When the hospitals started sending out distress calls for PPE in mid-March 2020, I was electrified and searching for a way to help, so I responded to a call on social media from a volunteer organization called MedSupplyDrive for a regional coordinator in NYC.
In the blink of an eye, the efforts for gathering PPE in all of NYC on behalf of a national organization lay on my shoulders.
On day 1, it was just me and my partner Charlie. We cold-called and emailed hundreds of places, heart in mouth, praying for someone to be generous. And people came through, offering gloves, masks, and more. By day 3, we were still alone, and gloves needed to be delivered, but we had no car. I’ve been a distance runner for over a decade at this point, so I pulled on my running shoes and battled the wind along the Hudson River Parkway for a 14 mile-round trip. I returned home sore and exhausted, but I felt exhilarated. I knew we were making a concrete impact and helping the providers who keep this city safe. But we couldn’t do it alone, and I was tired of waiting for people to find me.
So, as I always do when looking for solidarity and support, I turned to my queer community. I texted my friends, put out calls in the Facebook groups which have been a safe haven for years, and asked for all hands on deck. The NYC queer community, which has housed me when I had nowhere to go, fed me when I was hungry, and held me through my worst traumas and losses, came through in a landslide. My inbox was flooded with offers of support, and within hours we had a driver team. We had folks driving from Manhattan to Far Rockaway to pick up single n95s, calling hundreds and hundreds of small businesses, giving money out of their own thinly-lined pockets. Our volunteer Tea, a queer tattooer and astrologer, mobilized the tattooing community and brought in massive amounts of medical-grade gloves that undoubtedly saved lives. Brennan, a local theatre producer, connected us with hotels and secured hundreds of shower caps to be used as hair covers.

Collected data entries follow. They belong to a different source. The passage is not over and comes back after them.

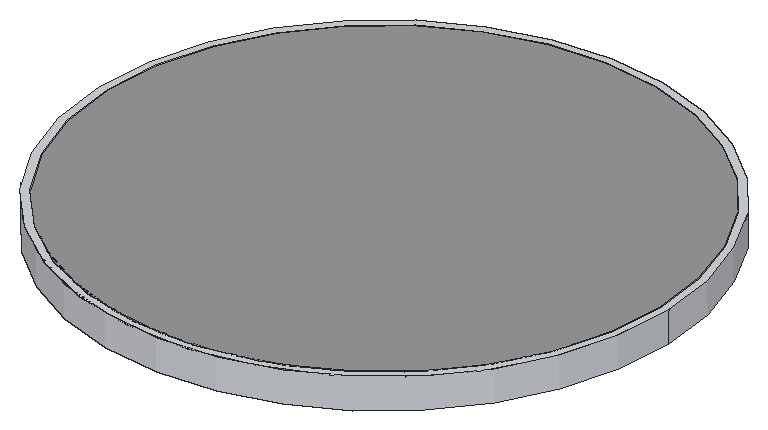
Revit family "2071298", category Lighting Fixtures, host Face, Revit 2018
Family settings
  Host = Face
  Round Connector Dimension = Use Diameter
  Part Type = Junction Box
  OmniClass Number = 23.80.70.00
  OmniClass Title = Lighting
  Cut with Voids When Loaded = No
  Light Source = Yes
  Shared = No
  Room Calculation Point = No
Parameters (values of type "2071298 COLOSSAL 1200 940 OP DIR WHT DALI EM")
  iner diameter = 1168 mm
  Weight = "n/a"
  Wattage Comments = ""
  Wattage = 30 W
  WarrantyStartDate [instance] = "n/a"
  WarrantyGuarantorParts = "n/a"
  WarrantyDurationUnit = "n/a"
  WarrantyDurationParts = ""
  WarrantyDescription = "http://www.sylvania-lighting.com"
  built-in parameter 1150110 = 1 (stored number, unit not read)
  Voltage = 230 V
  URL = "0.95"
  TypeName = "COLOSSAL 1200mm 940 OPAL DIR WHITE DALI EM"
  Type Image = <None>
  Type Comments = "n/a"
  built-in parameter 1114217 = 1 (stored number, unit not read)
  Tilt Angle = -90.00°
  built-in parameter 1150109 = 1 (stored number, unit not read)
  built-in parameter 1150134 = (empty or 0)
  built-in parameter 1150113 = 1 (stored number, unit not read)
  SerialNumber [instance] = "n/a"
  Photometric Web File = "2071298.ies"
  Material_3_SYL = LED-Sylvania
  PowerFactor = 0
  PowerConsumption = "Lighting"
  NominalLength = 1168 mm
  NominalHeight = 93 mm
  NominalDepth = 1168 mm
  Name = "COLOSSAL 1200mm 940 OPAL DIR WHITE DALI EM"
  ModelReference = Name  # "COLOSSAL 1200mm 940 OPAL DIR WHITE DALI EM"
  ModelNumber = "2071298"
  Model = Name  # "COLOSSAL 1200mm 940 OPAL DIR WHITE DALI EM"
  Material = "Feilo Sylvania"
  ManufacturerName = "119 lm/W"
  Manufacturer = ""
  LuminousEfficacy = ""
  built-in parameter 1150105 = 270.44 (stored number, unit not read)
  Lumens = 3398.4 lm
  LuminaireType = "0"
  built-in parameter 1150115 = 1 (stored number, unit not read)
  LightOutputRatio = "LED"
  built-in parameter 1150137 = (empty or 0)
  built-in parameter 1150139 = (empty or 0)
  LampsType = Lamp  # "n/a"
  LampNominalLuminous = "4000 K"
  LampMacAdamStep = "90"
  LampColourTemperature = "LED"
  LampColourRenderingIndex = "16500"
  built-in parameter 1150112 = 1 (stored number, unit not read)
  built-in parameter 1150114 = 1 (stored number, unit not read)
  Lamp = "n/a"
  Keynote = "n/a"
  InstallationDate [instance] = "n/a"
  InputVoltage = "0"
  InputNominalFrequency = "4000"
  built-in parameter 1150132 = (empty or 0)
  built-in parameter 1150102 = (empty or 0)
  built-in parameter 1150107 = 3000 (stored number, unit not read)
  built-in parameter 1150138 = (empty or 0)
  IngressProtection = "IfcLightFixtureType"
  ImpactProtectionIndex = "IfcLightFixtureType"
  built-in parameter 1150106 = 2.7044 (stored number, unit not read)
  IfcExportType = "IfcLightFixtureType"
  IfcExportAs = "Class I"
  Emit from Circle Diameter = 385 mm
  Emit Shape Visible in Rendering = no
  ElectricShockClassification = "119"
  built-in parameter 1150104 = 10.524 (stored number, unit not read)
  DocumentationLiterature = "http://www.sylvania-lighting.com/product/en-int/products/2071298"
  DimmingControlOptions = "n/a"
  Material_2_SYL = Polycarbonate_Sylvania_White
  Dimming Lamp Color Temperature Shift = <None>
  Description = "1200mm diameter circular architectural luminaire, can be surface mounted or suspended. Powder coated aluminium housing (RAL9016) with polycarbonate opal diffuser. Direct light distribution, 18745lm luminuous flux, 157W system power, 119lm/W luminiaire efficacy. DALI dimmable. 3 hours integrated emergency. Colour rendering index Ra >90, 4000K Neutral White LED, chromaticity tolerance of 3-step MacAdam ellipse. IP40/IP20, IK03. 450mA drive current. Electrical protection Class1, 220-240V. Reported lifetime 66k hours L90B10."
  Default Elevation = 1219.2 mm
  CreatedOn = "23/03/2022"
  CreatedBy = "@sylvania-lighting.com"
  Cost = 0
  Color Filter = 16777215
  built-in parameter 1114216 [instance] = (empty or 0)
  ClassificationValue = "EF_70_80"
  ClassificationName = "Uniclass2015"
  Material_1_SYL = Polycarbonate_Sylvania_Opal
  BarCode [instance] = "n/a"
  built-in parameter 1114218 = 1 (stored number, unit not read)
  built-in parameter 1150133 = 10 (stored number, unit not read)
  AssetType = "Fixed"
  AssetIdentifier [instance] = "n/a"
  Assembly Code = "D5020200"
  Apparent Load = 157 VA
  Material_4_SYL = none
Reference planes
  plane 1 "Center (Front/Back)": y = 0
  plane 2: z = 0
  plane 3 "Center (Left/Right)": x = 0
  plane 4: z = 1.161
  plane 5: z = 16.161
  plane 6: y = 584
  plane 7: y = -584
  plane 8: x = 85
  plane 9: x = -85
  plane 10: through (0, 0, 1219.2) normal (0.5, 0.866, 0)
  plane 11: through (42.5, 73.612, 1219.2) normal (0.5, 0.866, 0)
  plane 12: through (-42.5, -73.612, 1219.2) normal (0.5, 0.866, 0)
  plane 13: through (0, 0, 1219.2) normal (0.5, -0.866, 0)
  plane 14: through (-42.5, 73.612, 1219.2) normal (0.5, -0.866, 0)
  plane 15: through (42.5, -73.612, 1219.2) normal (0.5, -0.866, 0)
  plane 16: z = 93
  plane 17: y = 584
  plane 18: y = -584
  plane 19: y = -429
  plane 20: x = -584
  plane 21: x = 584
Forms (mm)
  Extrusion 1, solid, detail levels medium+fine
    sketch origin (0, 0, 0) x (0.866025, -0.5, 0) y (0.5, 0.866025, 0)
      loop
        circle (-50, 86.603) r 22
    from 0 to 2
  Extrusion 2, solid, detail levels medium+fine
    sketch origin (0, 0, 0) x (0.866025, -0.5, 0) y (0.5, 0.866025, 0)
      loop
        circle (100, 0) r 22
      loop
        circle (-50, -86.603) r 22
    from 0 to 2
  Extrusion 3, solid, detail levels medium+fine
    sketch origin (0, 0, 0) x (1, 0, 0) y (0, 1, 0)
      loop
        circle (0, 0) r 584
    from 30 to 93
  Extrusion 4, void
    sketch origin (0, 0, 0) x (1, 0, 0) y (0, 1, 0)
      loop
        circle (0, 0) r 568
    from 96.588 to 37.292
  Extrusion 5, solid, material "Glass, White, High Luminance", detail levels fine
    sketch origin (0, 0, 0) x (1, 0, 0) y (0, 1, 0)
      loop
        circle (0, 0) r 568
    from 88.022 to 93
  Extrusion 6, solid, detail levels coarse
    sketch origin (0, 0, 0) x (1, 0, 0) y (0, 1, 0)
      loop
        line (-584, 584) -> (-584, -584) -> (584, -584) -> (584, 584) -> (-584, 584)
    from 0 to 93
  Blend 7, solid, detail levels medium+fine
    base sketch origin (-10.814, 11.299, 29.922) x (1, 0, 0) y (0, 1, 0)
      loop
        line (-402.654, -330.622) -> (397.346, -330.622) -> (482.346, -183.398) -> (82.346, 509.423) -> (-87.654, 509.423) -> (-487.654, -183.398) -> (-402.654, -330.622)
    top sketch origin (-10.814, 11.299, 29.922) x (1, 0, 0) y (0, 1, 0)
      loop
        line (-363.391, -306.496) -> (364.632, -306.496) -> (449.632, -159.272) -> (87.132, 468.597) -> (-82.868, 468.597) -> (-445.368, -159.272) -> (-363.391, -306.496)
    from 0 to -30
Cuts and joins
  Extrusion 4 cuts Extrusion 1
  Extrusion 4 cuts Extrusion 2
  Extrusion 4 cuts Extrusion 3
Lines and regions (mm)
  model lines, detail levels medium+fine
    curve 1: circle (0, 0, 0) r 155 normal (0, 0, 1)
  reference lines
    curve 2: circle (0, 0, 0) r 489 normal (0, 0, 1)
    curve 3: circle (0, 0, 0) r 521 normal (0, 0, 1)
    curve 4: line (0, 0, 0) -> (606.218, -350, 0)
    curve 5: line (0, 0, 0) -> (0, 825, 0)
    curve 6: line (0, 0, 0) -> (-623.538, -360, 0)
    curve 7: line (639.013, -270.785, 0) -> (85, 49.075, 0)
    curve 8: line (563.718, -423.612, 0) -> (0, -98.15, 0)
    curve 9: line (85, 49.075, 0) -> (85, 825, 0)
    curve 10: line (-85, 49.075, 0) -> (-85, 825, 0)
    curve 11: line (-85, 49.075, 0) -> (-666.038, -286.388, 0)
    curve 12: line (-581.038, -433.612, 0) -> (0, -98.15, 0)
Dimensions and locks
  plane 4 to level = 1.161 mm
  locked: plane 5 to plane 4 at 15
  "NominalDepth": plane 6 to plane 7
  plane 6 to plane 1 "Center (Front/Back)" to plane 7 = 584 mm, 584 mm
  "NominalHeight": level to plane 16
  equal spacing: plane 17, plane 1 "Center (Front/Back)", plane 18
  "NominalLength": plane 20 to plane 21
  equal spacing: plane 20, plane 3 "Center (Left/Right)", plane 21
  aligned and locked: plane 2 to host face
  aligned and locked: level to host face
  aligned and locked: plane 6 to Extrusion 6
Automatic sketch dimensions
  host sketch curve to host sketch curve = 2438.4 mm  (x2)
  Extrusion 1 sketch curve to plane 3 "Center (Left/Right)" = 0 mm
  Extrusion 1 sketch curve to plane 1 "Center (Front/Back)" = 100 mm
  plane 1 "Center (Front/Back)" to Extrusion 2 sketch curve = 50 mm
  Extrusion 2 sketch curve to plane 3 "Center (Left/Right)" = 86.603 mm
  Extrusion 2 sketch curve to Extrusion 2 sketch curve = 150 mm
  Extrusion 2 sketch curve to Extrusion 2 sketch curve = 86.603 mm
  plane 1 "Center (Front/Back)" to curve 1 = 0 mm
  curve 1 to plane 3 "Center (Left/Right)" = 0 mm
  plane 1 "Center (Front/Back)" to Extrusion 3 sketch curve = 0 mm
  Extrusion 3 sketch curve to plane 3 "Center (Left/Right)" = 0 mm
  plane 1 "Center (Front/Back)" to Extrusion 4 sketch curve = 0 mm
  Extrusion 4 sketch curve to plane 3 "Center (Left/Right)" = 0 mm
  plane 1 "Center (Front/Back)" to Extrusion 5 sketch curve = 0 mm
  Extrusion 5 sketch curve to plane 3 "Center (Left/Right)" = 0 mm
  curve 2 to curve 3 = 0 mm  (x2)
  curve 11 to plane 14 = 0 mm
  curve 6 to plane 13 = 0 mm
  curve 12 to plane 15 = 0 mm
  curve 10 to plane 9 = 0 mm
  curve 12 to plane 3 "Center (Left/Right)" = 0 mm
  plane 1 "Center (Front/Back)" to curve 3 = 0 mm
  curve 3 to plane 3 "Center (Left/Right)" = 0 mm
  curve 7 to plane 8 = 0 mm
  curve 11 to plane 10 = 0 mm
  curve 12 to plane 19 = 4.612 mm
  plane 19 to curve 6 = 69 mm
  plane 19 to curve 11 = 142.612 mm
  plane 19 to curve 8 = 5.388 mm
  plane 19 to curve 4 = 79 mm
  plane 19 to curve 7 = 158.215 mm
  plane 6 to curve 5 = 241 mm
  curve 10 to curve 5 = 0 mm
  curve 5 to curve 9 = 0 mm
  plane 1 "Center (Front/Back)" to curve 6 = 0 mm
  curve 6 to plane 3 "Center (Left/Right)" = 0 mm
  Extrusion 6 sketch curve to plane 7 = 0 mm
  Extrusion 6 sketch curve to plane 6 = 0 mm
  Blend 7 sketch curve to plane 6 = 756.098 mm  (x2)
  Blend 7 sketch curve to Blend 7 sketch curve = 85 mm
  plane 3 "Center (Left/Right)" to Blend 7 sketch curve = 386.532 mm
  plane 8 to Blend 7 sketch curve = 386.532 mm
  Blend 7 sketch curve to plane 6 = 63.278 mm
  Blend 7 sketch curve to plane 6 = 731.972 mm  (x2)
  Blend 7 sketch curve to Blend 7 sketch curve = 81.977 mm
  plane 3 "Center (Left/Right)" to Blend 7 sketch curve = 353.818 mm
  plane 8 to Blend 7 sketch curve = 353.818 mm
  Blend 7 sketch curve to plane 6 = 104.104 mm
  plane 12 to curve 8 = 0 mm
  plane 19 to Blend 7 sketch curve = 109.677 mm
  plane 19 to Blend 7 sketch curve = 133.803 mm
  plane 8 to Extrusion 6 sketch curve = 499 mm
  Extrusion 6 sketch curve to plane 9 = 499 mm
  Blend 7 sketch curve to plane 8 = 13.468 mm
  Blend 7 sketch curve to plane 9 = 13.468 mm
  Blend 7 sketch curve to plane 9 = 328.468 mm
  Blend 7 sketch curve to plane 8 = 8.682 mm
  Blend 7 sketch curve to plane 9 = 8.682 mm
  Blend 7 sketch curve to plane 9 = 289.205 mm
  plane 10 to curve 4 = 0 mm
  plane 11 to curve 7 = 0 mm
  curve 12 to plane 12 = 0 mm
  curve 9 to plane 11 = 0 mm
  radius of Extrusion 1 sketch curve = 22 mm
  radius of Extrusion 2 sketch curve = 22 mm  (x2)
  radius of curve 1 = 155 mm
  radius of Extrusion 3 sketch curve = 584 mm
  radius of Extrusion 4 sketch curve = 568 mm
  radius of Extrusion 5 sketch curve = 568 mm
  radius of curve 2 = 489 mm
  radius of curve 3 = 521 mm
Connectors
  electrical at (0, 0, 30)
    settings: on cut or joined group of Extrusion 3, Extrusion 4, index 1, voltage 0 V, apparent load 0 VA, apparent load phase1 0 VA, apparent load phase2 0 VA, apparent load phase3 0 VA, power factor 1, load classification "Other", number of poles 1, system type 31, power factor state 1, is connector primary yes, connector utility no, sub classification motor no, connector description ""
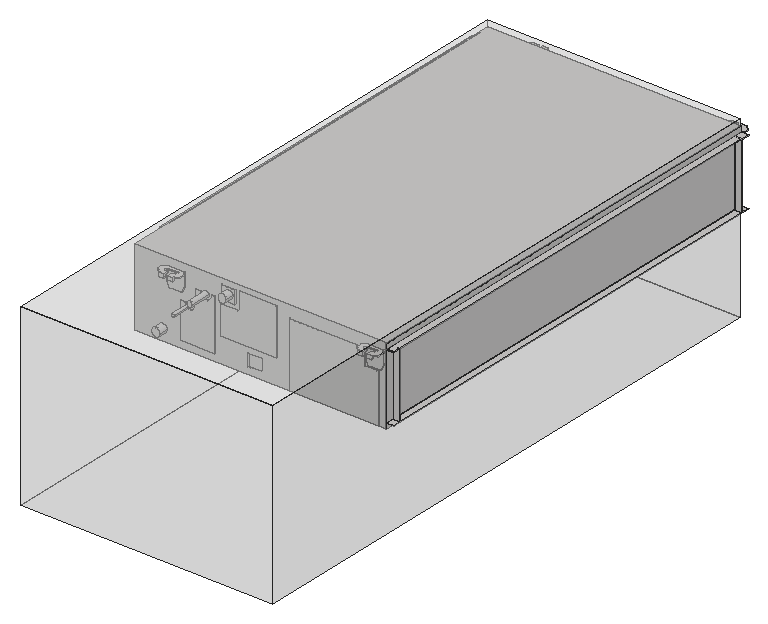
Revit family "outputfile", category 機械設備, Revit 2024
Family settings
  丸型コネクタ寸法 = 半径を使用
  パーツ タイプ = 標準
  OmniClass 番号 = 23.75.10.24.21.27.27
  OmniClass タイトル = Split System Air Conditioning Units
  作業面ベース = いいえ
  常に垂直 = はい
  ロード時にボイドで切り取り = いいえ
  注釈の向きを維持 = いいえ
  共有 = いいえ
  部屋計算ポイント = はい
Parameters (values of type "FBQ140EVE")
  Description = ""
  製造元 = "Daikin"
  書き出し IFC クラス(タイプ) = "IfcUnitaryEquipmentType"
  定義済み IFC タイプ(タイプ) = "AIRCONDITIONINGUNIT"
  Cost = 0
  モデル = "FBQ140EVE"
  Type Comments = ""
  Keynote = ""
  Type Image = (empty or 0)
  Assembly Code = ""
  switch_frequency = yes
  r_Liquid Pipe Size = Liquid Pipe Size / 2  # 4.75 mm
  r_Gas Pipe Size = Gas Pipe Size / 2  # 7.95 mm
  r_Drain Pipe Size = Drain Pipe Size / 2  # 12.5 mm
  lw_power = 770.0 mm  # constant formula
  lh_SA = 138.0 mm  # constant formula
  lw_SA = if(Depth = 550.0 mm, 225.0 mm, if(Depth = 700.0 mm, 300.0 mm, if(Depth = 1000.0 mm, 450.0 mm, if(Depth = 1400.0 mm, 650.0 mm, 725.0 mm))))  # 650.0 mm
  lw_RA = if(Depth = 550.0 mm, 275.0 mm, if(Depth = 700.0 mm, 349.0 mm, if(Depth = 1000.0 mm, 499.0 mm, if(Depth = 1400.0 mm, 699.0 mm, 775.0 mm))))  # 699.0 mm
  lh_power = 60.0 mm + [h***]  # 60.0 mm
  lh_mountinghole1 = lh_mountinghole + [h***]  # 222.0 mm
  lh_RA = 123.0 mm  # constant formula
  ld_power = Depth / 2  # 700.0 mm
  connector_voltage = Voltage_50Hz  # 230 V
  connector_powerinput = [Power Input (Cooling)]  # 5.850 kW
  connector_phase = Phase_50Hz  # 1
  Voltage_comment_60Hz = "220"
  Voltage_comment_50Hz = "220 - 240"
  Voltage_60Hz = 220 V
  Voltage_50Hz = 230 V
  URL = ""
  Supply Air Direction [instance] = yes
  Sound Power Level_H speed (dB) = 0
  Phase_60Hz = 1
  Phase_50Hz = 1
  Minimum External Static Pressure = 0.00 Pa
  Minimum Circuit Amps_60Hz = 0.0 A
  Minimum Circuit Amps_50Hz = 0.0 A
  Maximum Fuse Amps_60Hz = 0.0 A
  Maximum Fuse Amps_50Hz = 0.0 A
  Maximum External Static Pressure = 0.00 Pa
  Material_Casing = DAIKIN_GalvanizedSteel_Casing_indoorunit
  lw_mountinghole = 630.0 mm  # constant formula
  lh_gaspipe = 183.0 mm + [h***]  # 183.0 mm
  lh_mountinghole = 222.0 mm  # constant formula
  lh_liquidpipe = 136.0 mm + [h***]  # 136.0 mm
  lh_drainpipe = 207.0 mm + [h***]  # 207.0 mm
  lh_antena = Height - lh_mountinghole + 1.0 mm  # 24.0 mm
  ld_drainpipe = Depth / 2 + 26.0 mm  # 726.0 mm
  ld_liquidpipe = Depth / 2 + 69.0 mm  # 769.0 mm
  ld_gaspipe = Depth / 2 + 65.0 mm  # 765.0 mm
  ld_mountinghole = Depth + 38.0 mm  # 1438.0 mm
  h*** = 0.0 mm  # constant formula
  lw_liquidpipe = 179.0 mm  # constant formula
  lw_gaspipe = 229.0 mm  # constant formula
  lw_drainpipe = 300.0 mm  # constant formula
  Width = 800.0 mm
  Version = "ver.1.0"
  Unit Type = "Duct"
  Unit Mass Weight = 47.00 kg
  Unit Designation [instance] = ""
  Uniclass2015Version = "Products v1.30"
  Uniclass2015Title = "Split coil room air conditioning units"
  Uniclass2015Code = "Pr_70_65_03_86"
  Total Cooling Capacity [instance] = 0.000 kW
  Sound Pressure Level_M speed (dBA) = 37.5
  Sound Pressure Level_L speed (dBA) = 35
  Sound Pressure Level_H speed (dBA) = 40
  Series = "SkyAir_Fan Coil Unit"
  Sensible Cooling Capacity [instance] = 0.000 kW
  SA Duct Size Width = 1192.0 mm
  SA Duct Size Height = 176.0 mm
  Refrigerant Type = "R410A"
  RA Duct Size Width = 1352.0 mm
  RA Duct Size Height = 208.0 mm
  Power Input (Cooling) = 5.850 kW
  Option Accessory 3 [instance] = ""
  Option Accessory 2 [instance] = ""
  Option Accessory 1 [instance] = ""
  Nominal Cooling Capacity = 14.000 kW
  Minimum Airflow = 1500.00 m³/h
  Median Airflow = 1830.00 m³/h
  Maximum Airflow = 2160.00 m³/h
  Load Classification = HVAC
  Liquid Pipe Size = 9.5 mm
  Link_Nested Family [instance] = ""
  IfcVersion = ""
  IfcExportType = "AIRCONDITIONINGUNIT"
  IfcExportAs = "IfcUnitaryEquipmentType"
  Height = 245.0 mm
  Heat Exchanger Type = "Cross Fin Coil"
  Gas Pipe Size = 15.9 mm
  Frequency_60Hz = 60 Hz
  Frequency_50Hz = 50 Hz
  Fan Type = "Sirocco Fan"
  Fan Drive = "-"
  FCU Tag No. [instance] = ""
  Drain Pipe Size = 25.0 mm
  Design Supply Airflow [instance] = 0.00 m³/h
  Design Return Airflow [instance] = 0.00 m³/h
  Design External Static Pressure [instance] = 0.00 Pa
  Depth = 1400.0 mm
  既定の高さ = 0.0 mm
  Cooling Entering Wet Bulb Temperature [instance] = 0.00 °C
  Cooling Entering Dry Bulb Temperature [instance] = 0.00 °C
  Cooling Ambient Wet Bulb Temperature [instance] = 0.00 °C
  Cooling Ambient Dry Bulb Temperature [instance] = 0.00 °C
  Clearance visibility [instance] = yes
  Clearance Top = 20.0 mm
  Clearance Right = 0.0 mm
  Clearance Rear = 0.0 mm
  Clearance Left = 0.0 mm
  Clearance Front = 450.0 mm
  Clearance Bottom = 300.0 mm
Reference planes
  plane 1 "Center (Front/Back)": y = 0
  plane 2 "h": z = 0
  plane 3 "Center (Left/Right)": x = 0
  plane 4 "Back": y = 700
  plane 5 "Front": y = -700
  plane 6 "Left": x = -400
  plane 7 "Right": x = 400
  plane 8 "Top": z = 0
  plane 9 "Bottom": z = -245
  plane 10: y = -215
  plane 11: y = 700
  plane 12: y = -1150
  plane 13: x = -400
  plane 14: x = 400
  plane 15: z = 20
  plane 16: z = -545
  plane 17: x = -400
  plane 18: x = -399
  plane 19: x = 399
  plane 20: y = 50
  plane 21: y = -1
  plane 22: z = -122
  plane 23: y = -701
  plane 24: z = -109
  plane 25: x = -221
  plane 26: y = -765
  plane 27: z = -62
  plane 28: x = -171
  plane 29: y = -726
  plane 30: z = -38
  plane 31: x = -100
  plane 32: x = -100
  plane 33: x = -221
  plane 34: x = -171
  plane 35: x = 370
  plane 36: x = -266
  plane 37: x = 364
  plane 38: y = -719
  plane 39: y = 719
  plane 40: z = -23
  plane 41: z = -107
  plane 42: y = -769
  plane 43: z = -207
  plane 44: x = -309
  plane 45: y = -726
  plane 46: x = -251
  plane 47: x = -203
  plane 48: x = -144
  plane 49: z = -59
  plane 50: z = -106
  plane 51: z = -221
  plane 52: z = -109
  plane 53: x = -221
  plane 54: z = -62
  plane 55: x = -171
  plane 56: z = -17
  plane 57: z = -59
  plane 58: x = -121
  plane 59: x = -79
  plane 60: x = -125
  plane 61: x = -64
  plane 62: x = 53
  plane 63: z = -164
  plane 64: z = -73
  plane 65: z = -16
  plane 66: x = 93.5
  plane 67: x = 374.5
  plane 68: x = 330
  plane 69: z = -88.5
  plane 70: z = -38
  plane 71: z = -242.5
  plane 72: x = -38.5
  plane 73: x = 6.5
  plane 74: z = -181
  plane 75: z = -221
  plane 76: y = -699
  plane 77: x = -424
  plane 78: x = 424
Forms (mm)
  Extrusion 1, solid, material "DAIKIN_GalvanizedSteel_Casing_indoorunit" <- "Material_Casing"
    sketch origin (0, 0, 0) x (1, 0, 0) y (0, 1, 0)
      loop
        line (-399, 700) -> (-399, -700) -> (399, -700) -> (399, 700) -> (-399, 700)
    from -245 to 0
  Extrusion 2, solid, material "DAIKIN_GalvanizedSteel_Casing_indoorunit" <- "Material_Casing"
    sketch origin (0, 0, 0) x (1, 0, 0) y (0, 0, 1)
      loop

We were strangers in March, but have turned into a thriving albeit socially distanced family. It was precarious and turbulent aboard our rickety little relief ship at the beginning, but as the weeks have gone on and the pandemic has continued, we have found our sea legs. Our team continues to grow, made of people from all communities and walks of life, but largely composed of a queer core. We welcome people to continue joining our ranks, as this pandemic and the crises it has created are far from over. Whether here in NYC or anywhere across the nation, our website remains open to new volunteers and regional coordinators. We do not have chapters in every single state, and we would love for someone to step up in our underserved areas the way I did in NYC. Our donations continue to go wherever they are needed, but the ones we make to queer youth shelters and LGBTQ medical centers hold a special place in our hearts. We have connected with queer community organizations in every borough, and the ties that bind us together grow stronger by the day. Interacting with the medical system can be fraught for many queer people, and it can be rife with traumatic memories. But they continue to show up, and there is a particular nobility in those who fight to save a system that does not fight to save them.
As the racist murders of George Floyd, Ahmaud Arbery, Breonna Taylor, and Tony McDade brought our country to a flashpoint, we have expanded to gathering masks and medical supplies for protestors and street medics, and I am heartened to see the queer community continue to show up again and again. From jail support to street medic bridge training to protest organizing, I see my kin everywhere, and I am proud. Black queer organizers have been at forefront of organizing and relief work for a long time, and I am proud to stand in solidarity with them now as always. The pain is palpable. The grief is unending. But there is and always has been strength in numbers, and ours continue to grow. People who I met for the first time on Instagram have reached out to make sure I’m doing ok. We end every conversation, every text thread, every Zoom meeting by saying “stay safe.” We know all too well that it is not safe, but we wish it for each other anyways.
Sometimes, I make eye contact with a stranger at a rally and there is an unspoken acknowledgement, I see you. Call it a spidey sense, call it an instinct honed over years of being unable to speak our realities, but Queer Eye Contact exists. And it is the most comforting thing. I see you. You are not alone. We will get through this. Together.
COMMUNITY CHECK is a series about mutual aid and taking care of each other in the time of coronavirus.